Trade Stock Indices

S and P 500 - Standard & Poor's 500 Stock Index

Standard & Poor's 500 is a stock index that tracks capitalization of 500 stocks that represent major industries in USA economy. The list of 500 corporations is made up of stocks illustrated in NYSE and NASDAQ.

S&P 500 just like the Dow Jones Industrial Average Stock Index is more volatile than most of the other Top Indices, The S&P 500 index will over the longterm trend upwards but it'll have more price retracements and more consolidations than other stock index. Traders might prefer to trade other index other than this one if they're more accustomed to trading the more stellar trends which are found in other top stock indices.

One of the reason this index has more oscillations than other stock index is because it has more constituent stocks than other index. This stock index also has a weighting component in its calculation which contributes to making it more volatile.

Standard & Poors 500 Index

The S and P 500 Trade Chart

S&P 500 chart is illustrated and shown & displayed above. On example above this instrument is named as US500CASH. As a trader you want to find a broker that provides S&P 500 chart so that you as a trader can begin to trade it. The example Which is illustrated above is that one of S&P 500 on MT4 Forex & Stock Indices Platform.

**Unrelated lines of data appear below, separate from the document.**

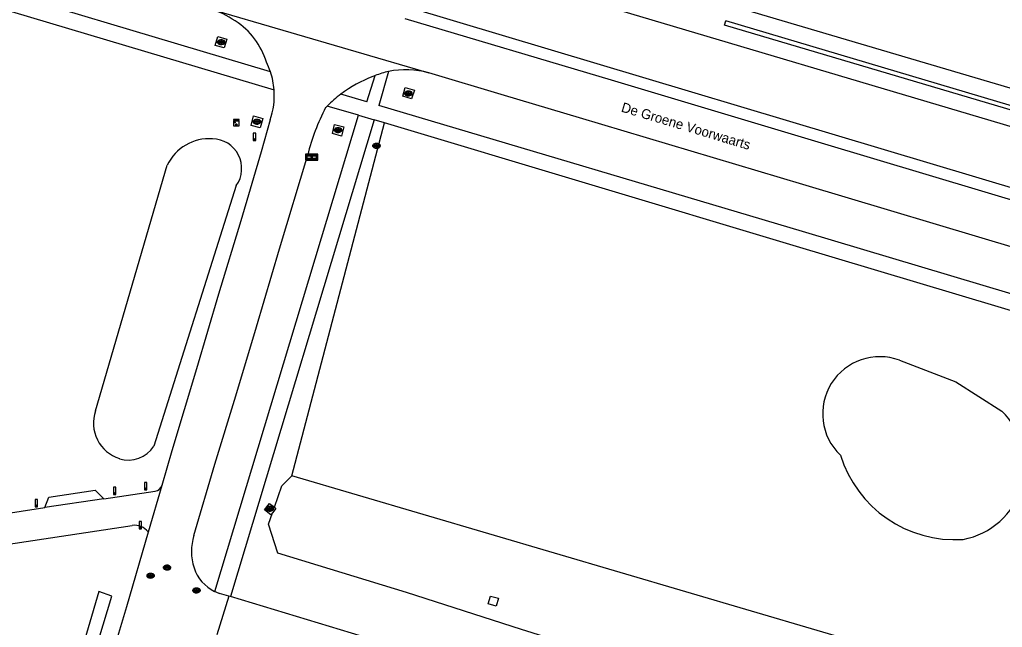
# Model space of a CAD drawing. Extents: x 194485 to 197793, y 468269 to 470822.
# Drawn here: x 196967.3 to 197087.8, y 468851.6 to 468926.1 of the extents above; entities that cross this region are included whole.
import ezdxf

# ---------------------------------------------------------------- set-up
doc = ezdxf.new("R2010")
doc.units = 0
for name, color, linetype in [('BGT grensvlak begroeid terreindeel', 7, 'Continuous'), ('BGT grensvlak begroeid terreindeel LR', 7, 'Continuous'), ('BGT grensvlak onbegroeid terreindeel', 7, 'Continuous'), ('BGT grensvlak vegetatieobject', 7, 'Continuous'), ('BGT grensvlak wegdeel', 7, 'Continuous'), ('BGT lijnelement scheiding uitbreiding populatie draadraster', 7, 'Continuous'), ('BGT puntobject bord verkeersbord', 7, 'Continuous'), ('BGT puntobject kast telecom kast', 7, 'Continuous'), ('BGT puntobject paal afsluitpaal', 7, 'Continuous'), ('BGT puntobject paal lichtmast', 7, 'Continuous'), ('BGT puntobject put inspectie- rioolput', 7, 'Continuous'), ('BGT puntobject put kolk', 7, 'Continuous'), ('BGT tekst openbare ruimte label weg', 7, 'Continuous')]:
    doc.layers.add(name, color=color, linetype=linetype)

msp = doc.modelspace()

# ---------------------------------------------------------------- linework, layer by layer
at = {"layer": 'BGT grensvlak begroeid terreindeel'}
for p, q in [((197000.7, 468870.2), (197012.08, 468913.46)), ((197101.65, 468840.52), (197000.7, 468870.2))]:
    msp.add_line(p, q, dxfattribs=at)
for points in [[(197075.22, 468884.36), (197082.11, 468881.74), (197087.74, 468878.14)], [(196998.59, 468866.36), (196999.51, 468868.98), (197000.7, 468870.2)], [(197101.65, 468840.52), (197100.67, 468836.3), (197099.02, 468831.83), (197096.57, 468830.82), (197094.67, 468831.45), (197079.01, 468836.04), (197062.64, 468841.17), (197046.07, 468845.96), (197028.88, 468851.39), (197014.76, 468855.92), (196999.01, 468860.73), (196997.85, 468864.27), (196998.35, 468865.68)]]:
    msp.add_lwpolyline(points, dxfattribs=at)
for centre, radius, start, end in [((197072.78, 468877.81), 6.99, 69.6043, 226.4142), ((197081.36, 468871.49), 9.22, 280.3842, 46.1731), ((197082.03, 468877.11), 14.73, 197.2399, 273.8694)]:
    msp.add_arc(centre, radius, start, end, dxfattribs=at)
at = {"layer": 'BGT grensvlak begroeid terreindeel LR'}
for p, q in [((196976.66, 468878.16), (196985.43, 468908.28)), ((196993.91, 468905.78), (196983.81, 468873.84))]:
    msp.add_line(p, q, dxfattribs=at)
for centre, radius, start, end in [((196990.58, 468905.82), 5.7, 85.9028, 154.4766), ((196990.94, 468907.87), 3.63, 324.8392, 89.3427), ((196980.96, 468876.66), 4.56, 160.7126, 252.245), ((196980.68, 468875.89), 3.75, 252.8213, 326.7209)]:
    msp.add_arc(centre, radius, start, end, dxfattribs=at)
at = {"layer": 'BGT grensvlak onbegroeid terreindeel'}
for points in [[(196992.42, 468922.64), (196991.33, 468922.96), (196991.65, 468924.03), (196992.76, 468923.72), (196992.42, 468922.64)], [(197015.4, 468916.42), (197014.32, 468916.73), (197014.63, 468917.8), (197015.74, 468917.49), (197015.4, 468916.42)], [(196996.03, 468914.33), (196997.15, 468914.01), (196996.85, 468912.86), (196995.72, 468913.15), (196996.03, 468914.33)], [(197007.1, 468912.98), (197006.79, 468911.85), (197005.69, 468912.18), (197005.96, 468913.28), (197007.1, 468912.98)], [(196998.35, 468865.68), (196998.15, 468865.44), (196997.38, 468866.05), (196997.99, 468866.83), (196998.59, 468866.36)], [(196998.59, 468866.36), (196998.77, 468866.21), (196998.35, 468865.68)], [(197024.8, 468854.51), (197025.08, 468855.47), (197026.04, 468855.2), (197025.76, 468854.24), (197024.8, 468854.51)]]:
    msp.add_lwpolyline(points, dxfattribs=at)
at = {"layer": 'BGT grensvlak vegetatieobject'}
msp.add_lwpolyline([(196978.66, 468855.46), (196977.07, 468856.03), (196972.25, 468839.6), (196968.58, 468826.71), (196970.18, 468826.93), (196973.6, 468838.72), (196978.66, 468855.46)], dxfattribs=at)
at = {"layer": 'BGT grensvlak wegdeel'}
for p, q in [((197109.28, 468906.9), (197018.73, 468933.85)), ((197109.77, 468911.51), (197048.28, 468929.69)), ((196990.68, 468927.44), (197017.5, 468919.59)), ((197053.77, 468925.45), (197053.93, 468925.97)), ((197110.55, 468909.1), (197053.93, 468925.97)), ((197109.92, 468908.78), (197053.77, 468925.45)), ((197012.57, 468919.76), (197011.38, 468915.61)), ((197009.93, 468916.04), (197010.93, 468919.26)), ((197026.8, 468916.81), (197017.5, 468919.59)), ((197009.93, 468916.04), (197006.73, 468917)), ((197004.87, 468915.33), (197005.04, 468915.51)), ((197008.9, 468914.39), (197005.04, 468915.51)), ((196991.26, 468856.04), (197008.9, 468914.39)), ((197010.8, 468913.84), (196993.18, 468855.4)), ((197008.9, 468914.39), (197010.8, 468913.84)), ((197012.08, 468913.46), (197010.8, 468913.84)), ((196977.68, 468867.38), (196983.96, 468868.32)), ((196984.77, 468869.02), (196983.11, 468863.32)), ((196977.68, 468867.38), (196970.45, 468866.31)), ((196957.94, 468864.43), (196970.45, 468866.31)), ((196958.55, 468860.73), (196981.15, 468864.12)), ((196992.99, 468855.46), (196991.53, 468850.72)), ((196992.99, 468855.46), (196991.85, 468855.8)), ((196993.18, 468855.4), (196992.99, 468855.46)), ((197018.01, 468847.93), (196993.18, 468855.4))]:
    msp.add_line(p, q, dxfattribs=at)
for points in [[(196998.1, 468919.72), (196955.35, 468932.5), (196941.04, 468936.78)], [(196938.24, 468935.55), (196952.76, 468931.2), (196998.55, 468917.5)], [(197014.55, 468926.26), (197039.86, 468918.72), (197065.6, 468911.02), (197091.68, 468903.23)], [(197090.15, 468897.91), (197063.38, 468905.92), (197036, 468914.09), (197026.8, 468916.81)], [(197225.11, 468851.66), (197173.35, 468867.2), (197117.86, 468883.83), (197063.32, 468900.16), (197011.38, 468915.61)], [(196998.05, 468913.82), (196996.94, 468909.93), (196994.47, 468901.47), (196991.74, 468892.47), (196989.03, 468883.3), (196986, 468873.26), (196984.77, 468869.02)], [(197220.17, 468851.09), (197173.14, 468865.19), (197117.63, 468881.83), (197062.16, 468898.44), (197012.08, 468913.46)], [(196988.71, 468862.91), (196991.27, 468871.63), (196993.84, 468880.02), (196996.37, 468888.45), (196999.22, 468898.01), (197002.67, 468909.54)], [(196970.45, 468866.31), (196970.92, 468867.57), (196976.61, 468868.46), (196976.61, 468868.46), (196977.68, 468867.38)], [(196983.11, 468863.32), (196980.44, 468854.16), (196977.74, 468845.16), (196975.06, 468835.81)]]:
    msp.add_lwpolyline(points, dxfattribs=at)
for centre, radius, start, end in [((196986.71, 468915.15), 12.92, 56.8139, 72.1119), ((196988.86, 468918.28), 9.12, 16.6755, 57.3319), ((196989.54, 468916.82), 9.03, 18.6748, 26.8192), ((197014.68, 468909.89), 10.09, 102.0871, 111.8484), ((197014.7, 468909.85), 10.13, 73.95, 102.1218), ((196989.57, 468916.84), 9, 4.2501, 18.6486), ((197015.89, 468904.89), 15.18, 110.203, 127.1264), ((197014.57, 468910.14), 9.82, 111.7699, 113.5284), ((196989.57, 468916.83), 9, 340.4302, 4.2643), ((197015.9, 468904.88), 15.19, 127.1136, 135.6125), ((197026.83, 468903.67), 24.87, 152.0427, 166.3448), ((196983.81, 468869.3), 1, 278.4561, 343.7259), ((196981.45, 468862.08), 2.07, 37.0024, 98.5292), ((196995.16, 468860.95), 6.75, 163.0807, 197.5778), ((196993.39, 468860.47), 4.92, 198.484, 244.2457), ((196993.4, 468860.47), 4.92, 244.2384, 251.6573)]:
    msp.add_arc(centre, radius, start, end, dxfattribs=at)
at = {"layer": 'BGT lijnelement scheiding uitbreiding populatie draadraster'}
msp.add_line((197170, 468881.21), (197014.95, 468927.65), dxfattribs=at)
at = {"layer": 'BGT puntobject bord verkeersbord'}
for points in [[(197002.41, 468909.63), (197002.41, 468908.88), (197003.91, 468908.88), (197003.91, 468909.63)], [(197003.81, 468909.53), (197003.81, 468908.98), (197002.51, 468908.98), (197002.51, 468909.53)], [(197002.51, 468909.53), (197002.51, 468908.98), (197003.81, 468908.98), (197003.81, 468909.53)], [(197003.71, 468909.43), (197003.71, 468909.08), (197002.61, 468909.08), (197002.61, 468909.43)]]:
    msp.add_lwpolyline(points, close=True, dxfattribs=at)
for start, end in [(0, 180), (180, 0)]:
    msp.add_arc((197003.16, 468909.25), 0.1, start, end, dxfattribs=at)
at = {"layer": 'BGT puntobject kast telecom kast'}
msp.add_lwpolyline([(196994.25, 468913.87), (196993.58, 468913.87), (196993.58, 468913.76), (196994.25, 468913.76)], close=True, dxfattribs=at)
msp.add_lwpolyline([(196993.91, 468913.12), (196994.25, 468913.12), (196994.25, 468913.69), (196993.58, 468913.69), (196993.58, 468913.12), (196993.91, 468913.12)], dxfattribs=at)
for centre, radius in [((196993.72, 468913.52), 0.0607), ((196993.91, 468913.22), 0.1)]:
    msp.add_circle(centre, radius, dxfattribs=at)
for start, end in [(0, 180), (180, 0)]:
    msp.add_arc((196993.91, 468913.22), 0.1, start, end, dxfattribs=at)
at = {"layer": 'BGT puntobject paal afsluitpaal'}
for points in [[(196982.94, 468869.4), (196982.64, 468869.4), (196982.64, 468868.5), (196982.79, 468868.5)], [(196982.79, 468868.5), (196982.94, 468868.5), (196982.94, 468869.4)], [(196979.15, 468868.82), (196978.85, 468868.82), (196978.85, 468867.92), (196979, 468867.92)], [(196979, 468867.92), (196979.15, 468867.92), (196979.15, 468868.82)], [(196969.55, 468867.31), (196969.25, 468867.31), (196969.25, 468866.41), (196969.4, 468866.41)], [(196969.4, 468866.41), (196969.55, 468866.41), (196969.55, 468867.31)]]:
    msp.add_lwpolyline(points, dxfattribs=at)
for centre, start, end in [((196979, 468868.02), 0, 180), ((196979, 468868.02), 0, 180), ((196979, 468868.02), 180, 0), ((196979, 468868.02), 180, 270), ((196979, 468868.02), 270, 0), ((196982.79, 468868.6), 0, 180), ((196982.79, 468868.6), 0, 180), ((196982.79, 468868.6), 180, 0), ((196982.79, 468868.6), 180, 270), ((196982.79, 468868.6), 270, 0), ((196969.4, 468866.51), 0, 180), ((196969.4, 468866.51), 0, 180), ((196969.4, 468866.51), 180, 0), ((196969.4, 468866.51), 180, 270), ((196969.4, 468866.51), 270, 0)]:
    msp.add_arc(centre, 0.1, start, end, dxfattribs=at)
at = {"layer": 'BGT puntobject paal lichtmast'}
for points in [[(196996.29, 468912.2), (196995.99, 468912.2), (196995.99, 468911.29), (196996.14, 468911.29)], [(196996.14, 468911.29), (196996.29, 468911.29), (196996.29, 468912.2)], [(196982.28, 468864.59), (196981.98, 468864.59), (196981.98, 468863.69), (196982.13, 468863.69)], [(196982.13, 468863.69), (196982.28, 468863.69), (196982.28, 468864.59)]]:
    msp.add_lwpolyline(points, dxfattribs=at)
for centre, start, end in [((196996.14, 468911.4), 0, 180), ((196996.14, 468911.4), 0, 180), ((196996.14, 468911.4), 180, 0), ((196996.14, 468911.4), 180, 270), ((196996.14, 468911.4), 270, 0), ((196982.13, 468863.79), 0, 180), ((196982.13, 468863.79), 0, 180), ((196982.13, 468863.79), 180, 0), ((196982.13, 468863.79), 180, 270), ((196982.13, 468863.79), 270, 0)]:
    msp.add_arc(centre, 0.1, start, end, dxfattribs=at)
at = {"layer": 'BGT puntobject put inspectie- rioolput'}
for p, q in [((197011, 468910.69), (197010.85, 468910.69)), ((197010.85, 468910.61), (197011, 468910.61)), ((197011.35, 468910.69), (197011.19, 468910.69)), ((197011.19, 468910.61), (197011.35, 468910.61)), ((196997.93, 468866.21), (196997.77, 468866.21)), ((196997.77, 468866.13), (196997.93, 468866.13)), ((196998.27, 468866.21), (196998.11, 468866.21)), ((196998.11, 468866.13), (196998.27, 468866.13)), ((196985.33, 468859), (196985.17, 468859)), ((196985.17, 468858.93), (196985.33, 468858.93)), ((196985.67, 468859), (196985.51, 468859)), ((196985.51, 468858.93), (196985.67, 468858.93)), ((196983.31, 468858), (196983.15, 468858)), ((196983.15, 468857.92), (196983.31, 468857.92)), ((196983.65, 468858), (196983.49, 468858)), ((196983.49, 468857.92), (196983.65, 468857.92)), ((196988.94, 468856.2), (196988.78, 468856.2)), ((196988.78, 468856.12), (196988.94, 468856.12)), ((196989.28, 468856.2), (196989.12, 468856.2)), ((196989.12, 468856.12), (196989.28, 468856.12))]:
    msp.add_line(p, q, dxfattribs=at)
for centre, radius, start, end in [((197010.85, 468910.65), 0.0375, 90, 270), ((197011.1, 468910.65), 0.1, 0, 180), ((197011.1, 468910.65), 0.1, 157.9757, 180), ((197011.1, 468910.65), 0.1, 180, 202.0243), ((197011.1, 468910.65), 0.1, 180, 0), ((197011.1, 468910.65), 0.1, 0, 22.0243), ((197011.1, 468910.65), 0.1, 337.9757, 0), ((197011.35, 468910.65), 0.0375, 270, 90), ((196997.77, 468866.17), 0.0375, 90, 270), ((196998.02, 468866.17), 0.1, 0, 180), ((196998.02, 468866.17), 0.1, 157.9757, 180), ((196998.02, 468866.17), 0.1, 180, 202.0243), ((196998.02, 468866.17), 0.1, 180, 0), ((196998.02, 468866.17), 0.1, 0, 22.0243), ((196998.02, 468866.17), 0.1, 337.9757, 0), ((196998.27, 468866.17), 0.0375, 270, 90), ((196985.17, 468858.96), 0.0375, 90, 270), ((196985.42, 468858.96), 0.1, 0, 180), ((196985.42, 468858.96), 0.1, 157.9757, 180), ((196985.42, 468858.96), 0.1, 180, 202.0243), ((196985.42, 468858.96), 0.1, 180, 0), ((196985.42, 468858.96), 0.1, 0, 22.0243), ((196985.42, 468858.96), 0.1, 337.9757, 0), ((196985.67, 468858.96), 0.0375, 270, 90), ((196983.15, 468857.96), 0.0375, 90, 270), ((196983.4, 468857.96), 0.1, 0, 180), ((196983.4, 468857.96), 0.1, 157.9757, 180), ((196983.4, 468857.96), 0.1, 180, 202.0243), ((196983.4, 468857.96), 0.1, 180, 0), ((196983.4, 468857.96), 0.1, 0, 22.0243), ((196983.4, 468857.96), 0.1, 337.9757, 0), ((196983.65, 468857.96), 0.0375, 270, 90), ((196988.78, 468856.16), 0.0375, 90, 270), ((196989.03, 468856.16), 0.1, 0, 180), ((196989.03, 468856.16), 0.1, 157.9757, 180), ((196989.03, 468856.16), 0.1, 180, 202.0243), ((196989.03, 468856.16), 0.1, 180, 0), ((196989.03, 468856.16), 0.1, 0, 22.0243), ((196989.03, 468856.16), 0.1, 337.9757, 0), ((196989.28, 468856.16), 0.0375, 270, 90)]:
    msp.add_arc(centre, radius, start, end, dxfattribs=at)
for centre in [(197011.1, 468910.65), (196998.02, 468866.17), (196985.42, 468858.96), (196983.4, 468857.96), (196989.03, 468856.16)]:
    msp.add_ellipse(centre, major_axis=(0.392, 0), ratio=0.689655, dxfattribs=at)
for points in [[(197011.54, 468910.65), (197011.54, 468910.69), (197011.52, 468910.74), (197011.46, 468910.85), (197011.38, 468910.91), (197011.19, 468910.97), (197011.08, 468910.98), (197010.87, 468910.94), (197010.78, 468910.89), (197010.68, 468910.78), (197010.65, 468910.72), (197010.65, 468910.59), (197010.68, 468910.53), (197010.76, 468910.43), (197010.82, 468910.39), (197011, 468910.33), (197011.13, 468910.32), (197011.37, 468910.38), (197011.46, 468910.45), (197011.53, 468910.58), (197011.54, 468910.61), (197011.54, 468910.65)], [(196998.46, 468866.17), (196998.46, 468866.21), (196998.45, 468866.26), (196998.38, 468866.37), (196998.3, 468866.43), (196998.11, 468866.49), (196998, 468866.5), (196997.8, 468866.46), (196997.71, 468866.41), (196997.6, 468866.3), (196997.58, 468866.24), (196997.58, 468866.11), (196997.6, 468866.05), (196997.68, 468865.95), (196997.74, 468865.91), (196997.92, 468865.85), (196998.06, 468865.84), (196998.29, 468865.9), (196998.39, 468865.97), (196998.45, 468866.1), (196998.46, 468866.13), (196998.46, 468866.17)], [(196985.86, 468858.96), (196985.86, 468859.01), (196985.85, 468859.05), (196985.78, 468859.16), (196985.7, 468859.22), (196985.51, 468859.29), (196985.4, 468859.29), (196985.2, 468859.25), (196985.11, 468859.2), (196985, 468859.09), (196984.98, 468859.03), (196984.98, 468858.91), (196985, 468858.84), (196985.09, 468858.75), (196985.14, 468858.71), (196985.32, 468858.64), (196985.46, 468858.63), (196985.69, 468858.69), (196985.79, 468858.76), (196985.85, 468858.89), (196985.86, 468858.93), (196985.86, 468858.96)], [(196983.84, 468857.96), (196983.84, 468858), (196983.83, 468858.05), (196983.77, 468858.16), (196983.68, 468858.22), (196983.49, 468858.28), (196983.38, 468858.29), (196983.18, 468858.25), (196983.09, 468858.2), (196982.99, 468858.09), (196982.96, 468858.03), (196982.96, 468857.9), (196982.98, 468857.84), (196983.07, 468857.74), (196983.13, 468857.7), (196983.3, 468857.64), (196983.44, 468857.63), (196983.67, 468857.69), (196983.77, 468857.76), (196983.83, 468857.89), (196983.84, 468857.92), (196983.84, 468857.96)], [(196989.47, 468856.16), (196989.47, 468856.2), (196989.46, 468856.25), (196989.39, 468856.36), (196989.31, 468856.42), (196989.12, 468856.48), (196989.01, 468856.49), (196988.81, 468856.45), (196988.71, 468856.4), (196988.61, 468856.28), (196988.59, 468856.22), (196988.59, 468856.1), (196988.61, 468856.04), (196988.69, 468855.94), (196988.75, 468855.9), (196988.93, 468855.83), (196989.06, 468855.83), (196989.3, 468855.89), (196989.4, 468855.96), (196989.46, 468856.08), (196989.47, 468856.12), (196989.47, 468856.16)]]:
    msp.add_open_spline(points, degree=3, dxfattribs=at)
at = {"layer": 'BGT puntobject put kolk'}
for p, q in [((196991.96, 468923.39), (196991.8, 468923.39)), ((196992.3, 468923.39), (196992.14, 468923.39)), ((196991.8, 468923.31), (196991.96, 468923.31)), ((196992.14, 468923.31), (196992.3, 468923.31)), ((197014.92, 468917.11), (197014.76, 468917.11)), ((197014.76, 468917.03), (197014.92, 468917.03)), ((197015.26, 468917.11), (197015.1, 468917.11)), ((197015.1, 468917.03), (197015.26, 468917.03)), ((196996.35, 468913.64), (196996.19, 468913.64)), ((196996.19, 468913.57), (196996.35, 468913.57)), ((196996.69, 468913.64), (196996.53, 468913.64)), ((196996.53, 468913.57), (196996.69, 468913.57)), ((197006.3, 468912.62), (197006.14, 468912.62)), ((197006.14, 468912.54), (197006.3, 468912.54)), ((197006.64, 468912.62), (197006.48, 468912.62)), ((197006.48, 468912.54), (197006.64, 468912.54))]:
    msp.add_line(p, q, dxfattribs=at)
for centre, radius, start, end in [((196991.8, 468923.35), 0.0375, 90, 270), ((196992.05, 468923.35), 0.1, 0, 180), ((196992.05, 468923.35), 0.1, 157.9757, 180), ((196992.05, 468923.35), 0.1, 0, 22.0243), ((196992.3, 468923.35), 0.0375, 270, 90), ((196992.05, 468923.35), 0.1, 180, 202.0243), ((196992.05, 468923.35), 0.1, 180, 0), ((196992.05, 468923.35), 0.1, 337.9757, 0), ((197014.76, 468917.07), 0.0375, 90, 270), ((197015.01, 468917.07), 0.1, 0, 180), ((197015.01, 468917.07), 0.1, 157.9757, 180), ((197015.01, 468917.07), 0.1, 180, 202.0243), ((197015.01, 468917.07), 0.1, 180, 0), ((197015.01, 468917.07), 0.1, 0, 22.0243), ((197015.01, 468917.07), 0.1, 337.9757, 0), ((197015.26, 468917.07), 0.0375, 270, 90), ((196996.19, 468913.61), 0.0375, 90, 270), ((196996.44, 468913.61), 0.1, 0, 180), ((196996.44, 468913.61), 0.1, 157.9757, 180), ((196996.44, 468913.61), 0.1, 180, 202.0243), ((196996.44, 468913.61), 0.1, 180, 0), ((196996.44, 468913.61), 0.1, 0, 22.0243), ((196996.44, 468913.61), 0.1, 337.9757, 0), ((196996.69, 468913.61), 0.0375, 270, 90), ((197006.14, 468912.58), 0.0375, 90, 270), ((197006.39, 468912.58), 0.1, 0, 180), ((197006.39, 468912.58), 0.1, 157.9757, 180), ((197006.39, 468912.58), 0.1, 180, 202.0243), ((197006.39, 468912.58), 0.1, 180, 0), ((197006.39, 468912.58), 0.1, 0, 22.0243), ((197006.39, 468912.58), 0.1, 337.9757, 0), ((197006.64, 468912.58), 0.0375, 270, 90)]:
    msp.add_arc(centre, radius, start, end, dxfattribs=at)
for centre in [(196992.05, 468923.35), (197015.01, 468917.07), (196996.44, 468913.61), (197006.39, 468912.58)]:
    msp.add_ellipse(centre, major_axis=(0.392, 0), ratio=0.689655, dxfattribs=at)
for points in [[(196992.49, 468923.35), (196992.49, 468923.39), (196992.48, 468923.43), (196992.41, 468923.55), (196992.33, 468923.61), (196992.14, 468923.67), (196992.03, 468923.68), (196991.83, 468923.64), (196991.74, 468923.59), (196991.63, 468923.47), (196991.61, 468923.41), (196991.61, 468923.29), (196991.63, 468923.23), (196991.72, 468923.13), (196991.77, 468923.09), (196991.95, 468923.02), (196992.09, 468923.02), (196992.32, 468923.08), (196992.42, 468923.15), (196992.48, 468923.27), (196992.49, 468923.31), (196992.49, 468923.35)], [(197015.45, 468917.07), (197015.45, 468917.11), (197015.44, 468917.16), (197015.37, 468917.27), (197015.29, 468917.33), (197015.1, 468917.39), (197014.99, 468917.4), (197014.79, 468917.36), (197014.69, 468917.31), (197014.59, 468917.19), (197014.57, 468917.13), (197014.57, 468917.01), (197014.59, 468916.95), (197014.67, 468916.85), (197014.73, 468916.81), (197014.91, 468916.74), (197015.04, 468916.74), (197015.28, 468916.8), (197015.38, 468916.87), (197015.44, 468916.99), (197015.45, 468917.03), (197015.45, 468917.07)], [(196996.88, 468913.61), (196996.88, 468913.65), (196996.87, 468913.69), (196996.81, 468913.81), (196996.72, 468913.86), (196996.53, 468913.93), (196996.42, 468913.93), (196996.22, 468913.89), (196996.13, 468913.85), (196996.03, 468913.73), (196996, 468913.67), (196996, 468913.55), (196996.02, 468913.49), (196996.11, 468913.39), (196996.17, 468913.35), (196996.34, 468913.28), (196996.48, 468913.27), (196996.71, 468913.34), (196996.81, 468913.4), (196996.87, 468913.53), (196996.88, 468913.57), (196996.88, 468913.61)], [(197006.83, 468912.58), (197006.83, 468912.62), (197006.82, 468912.67), (197006.75, 468912.78), (197006.67, 468912.84), (197006.48, 468912.9), (197006.37, 468912.91), (197006.17, 468912.87), (197006.08, 468912.82), (197005.97, 468912.7), (197005.95, 468912.64), (197005.95, 468912.52), (197005.97, 468912.46), (197006.06, 468912.36), (197006.11, 468912.32), (197006.29, 468912.25), (197006.43, 468912.25), (197006.66, 468912.31), (197006.76, 468912.38), (197006.82, 468912.5), (197006.83, 468912.54), (197006.83, 468912.58)]]:
    msp.add_open_spline(points, degree=3, dxfattribs=at)

# ---------------------------------------------------------------- texts
at = {"layer": 'BGT tekst openbare ruimte label weg'}
msp.add_text('De Groene Voorwaarts', height=1.2, rotation=343.3, dxfattribs=at).set_placement((197041.01, 468914.86))

doc.saveas('drawing.dxf')

Other Info about S & P 500 Stock Index

Official Index Symbol - SP:IND

The 500 constituent stocks that make up the S&P 500 are picked from the major industries in USA economy. The calculation of this index is however different compared to other Indices: the price component of the 500 stocks also has a weighting component that makes this stock index more volatile than others.

Strategy to Trading S and P 500 Stock Index

S&P 500 manner of calculating makes it more volatile and hence there are wider swings in price movement of this index. Although this stock index generally moves upward over the longterm because USA economy also shows strong growth & is also the largest economy in the world.

As a trader wanting to trade this index, be prepared for wider price swing & a little more volatility.

As a trader you want to be biased & keep buying as the stock index moves upwards. When USA economy is performing well (most times it's performing good) this upward trend is more likely to be in place. A good stock index trade strategy would be to buy dips.

During Economic Slow-Down & Recession

During economic slow-down and recession times, corporations start to report lower profits and lower business growth prospects. It's due to this reason that traders start to sell stocks of corporations that arereporting lower profits and hence index tracking these particular stocks will also start to move downward.

Hence, during these times, market trends are likely to be moving downward and as a trader you should also adjust your trading strategy accordingly to fit the prevailing downwards trends of the stock market index that you are trading.

Contracts and Details

Margin Requirement Per 1 Lot - $ 12 dollars

Value per 1 Pip - $0.1 dollars

NB: Even though general trend is generally moves upwards, as a stock indices trader you have to factor in daily market volatility, on some days the index might move in a range or even pullback, market pullbackretracement may also be significant at times and therefore as a trader you need to mark-time your entry precisely using this trading strategy: Stock Indices trade strategy & at the same time use proper equity management principles just in case of more unexpected volatility in the market trend. About equity management principles in stock index lessons: What's equity management and equity management strategies.